Structural Performance Updating and Optimization with Conflicting Objectives under Uncertainty

Abstract

Managers of civil infrastructure aim at reaching the best balance between life-cycle performance of structures and the necessary maintenance, repair and replacement costs. However, long time prediction of performance, considering the effects of deterioration and maintenance actions, can not be very accurate, and decisions must be made considering the uncertainties in initial performance, deterioration, and time of application and effects of maintenance actions. The uncertainties in performance can be reduced through inspection, non-destructive testing or load tests. However, information from these sources is not completely accurate and must be combined with existing information, in order to obtain reliable posterior information and predict more accurately future deterioration. In this paper, the application of maintenance actions on existing bridges is optimized in order to obtain maximum performance and minimum life-cycle maintenance cost. Performance is defined in terms of the condition index, which describes the effects of deterioration as can be seen by an inspector, and the safety index, which measures the safety margin of the structure.

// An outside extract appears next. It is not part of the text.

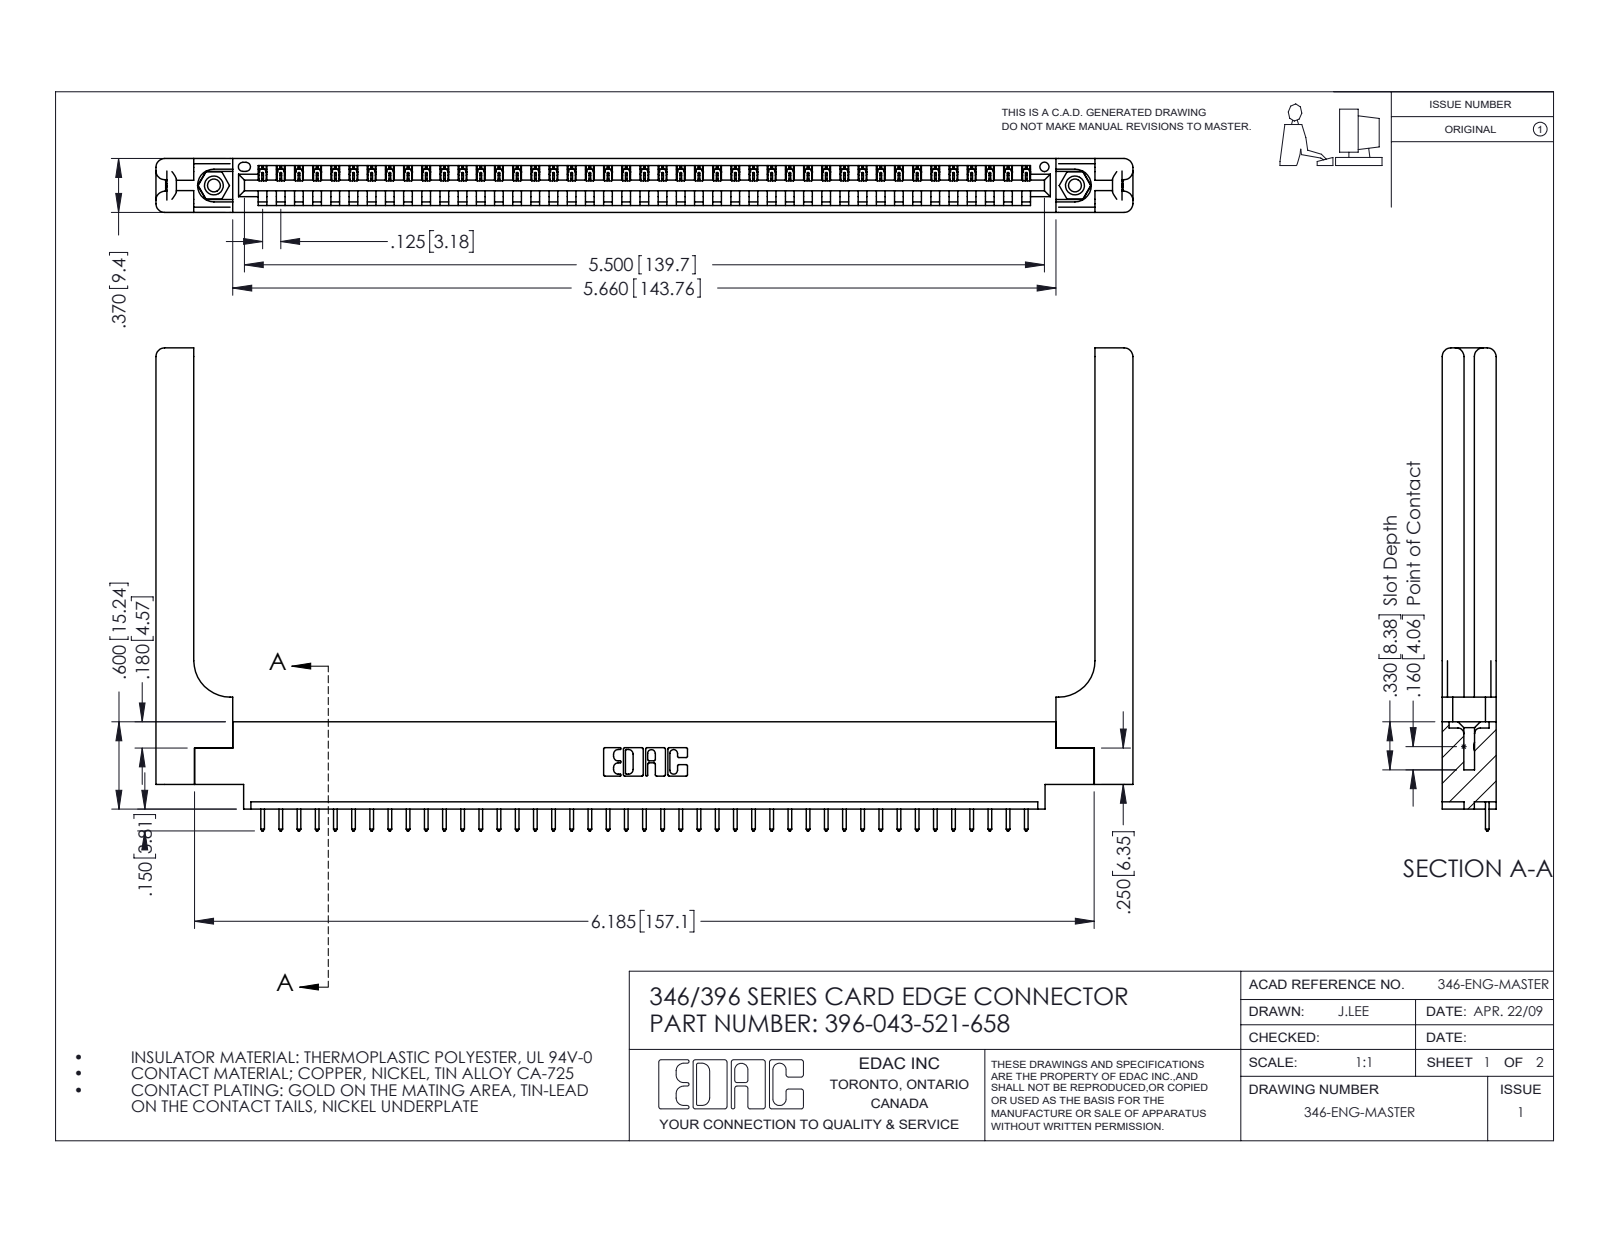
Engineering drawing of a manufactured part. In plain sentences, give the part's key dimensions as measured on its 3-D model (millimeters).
The part is named "346-220-058_345-220-058; 346 Part_0.170 Offset - 0.156 Dia-TH; 396-043-521-658; 345-250-001_345-250-001-102 (+1 more)". Its 3-D file was written by "SolidWorks 2016 (CONFIG_CONTROL_DESIGN)". It is 48 solids with 2876 faces: 1948 planar, 868 cylindrical and 60 other. Overall it measures 170.6 by 84.3 by 9.4 millimeters. Its volume is 23 580 cubic millimeters and its surface area 24 920 square millimeters. Round holes: 2 of diameter 2.3, 2 of diameter 3.2, 2 of diameter 4, 1 of diameter 1.6. Round bosses or shafts: 2 of diameter 3.9. Partial cylindrical surfaces (rounded edges, fillets, slot ends): 86 of radius 0.2, 86 of radius 0.3, 22 of radius 0.3, 16 of radius 1.5, 6 of radius 0.2, 6 of radius 0.8, 3 of radius 0.7, 2 of radius 0.8. The main face-to-face distances are 9.4, 1.2, 8.2, 1.8, 3.8, 3.8, 6.4, 7.6, 0.6, 5.6. The hole center spacings are 6.2, 145.1, 150.4.

Constraints are considered for both the condition and the safety index over the entire lifetime. Several maintenance actions are considered, each defined by probabilistic effects on performance, times of application and costs of applications. The reduction in uncertainty associated with periodical inspections is considered through updating of performance profiles. Considering multiple objective functions as well as the complexity of the performance profiles under maintenance, genetic algorithms are combined with Monte-Carlo simulation, in order to obtain a set of Pareto solutions. Examples of application are presented, showing the effects of inspection and updating on the optimization of maintenance strategies.